>>

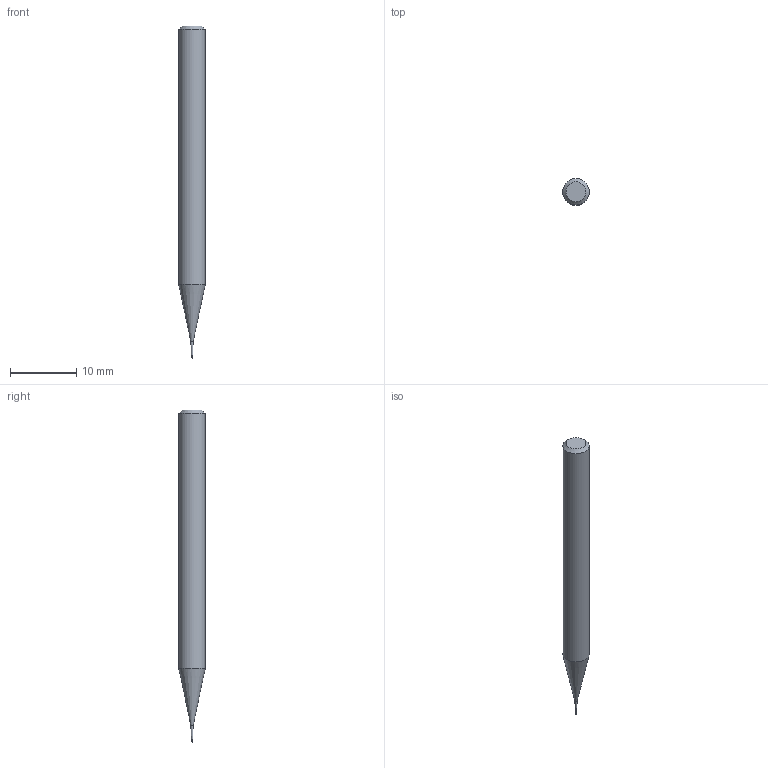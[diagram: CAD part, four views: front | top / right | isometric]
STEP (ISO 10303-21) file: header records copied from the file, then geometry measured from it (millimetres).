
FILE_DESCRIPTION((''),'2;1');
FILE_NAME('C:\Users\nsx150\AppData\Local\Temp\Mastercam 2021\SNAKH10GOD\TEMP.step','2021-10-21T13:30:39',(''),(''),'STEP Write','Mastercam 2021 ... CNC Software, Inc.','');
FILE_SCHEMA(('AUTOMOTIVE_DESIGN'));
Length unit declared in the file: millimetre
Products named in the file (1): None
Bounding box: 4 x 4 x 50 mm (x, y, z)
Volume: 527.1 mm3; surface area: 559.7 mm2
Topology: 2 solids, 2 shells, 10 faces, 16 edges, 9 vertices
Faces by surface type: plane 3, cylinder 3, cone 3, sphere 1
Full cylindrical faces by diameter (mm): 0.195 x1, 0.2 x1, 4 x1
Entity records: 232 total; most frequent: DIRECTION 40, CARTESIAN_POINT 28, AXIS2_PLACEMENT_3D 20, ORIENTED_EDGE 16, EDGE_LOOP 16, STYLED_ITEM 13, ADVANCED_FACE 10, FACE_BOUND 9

<<

• [What you have to do] Output all the records above exactly, but without their images.

• [Answer section]
[diagram: CAD part, four views: front | top / right | isometric]
STEP (ISO 10303-21) file: header records copied from the file, then geometry measured from it (millimetres).
FILE_DESCRIPTION((''),'2;1');
FILE_NAME('C:\Users\nsx150\AppData\Local\Temp\Mastercam 2021\SNAKH10GOD\TEMP.step','2021-10-21T13:30:39',(''),(''),'STEP Write','Mastercam 2021 ... CNC Software, Inc.','');
FILE_SCHEMA(('AUTOMOTIVE_DESIGN'));
Length unit declared in the file: millimetre
Products named in the file (1): None
Bounding box: 4 x 4 x 50 mm (x, y, z)
Volume: 527.1 mm3; surface area: 559.7 mm2
Topology: 2 solids, 2 shells, 10 faces, 16 edges, 9 vertices
Faces by surface type: plane 3, cylinder 3, cone 3, sphere 1
Full cylindrical faces by diameter (mm): 0.195 x1, 0.2 x1, 4 x1
Entity records: 232 total; most frequent: DIRECTION 40, CARTESIAN_POINT 28, AXIS2_PLACEMENT_3D 20, ORIENTED_EDGE 16, EDGE_LOOP 16, STYLED_ITEM 13, ADVANCED_FACE 10, FACE_BOUND 9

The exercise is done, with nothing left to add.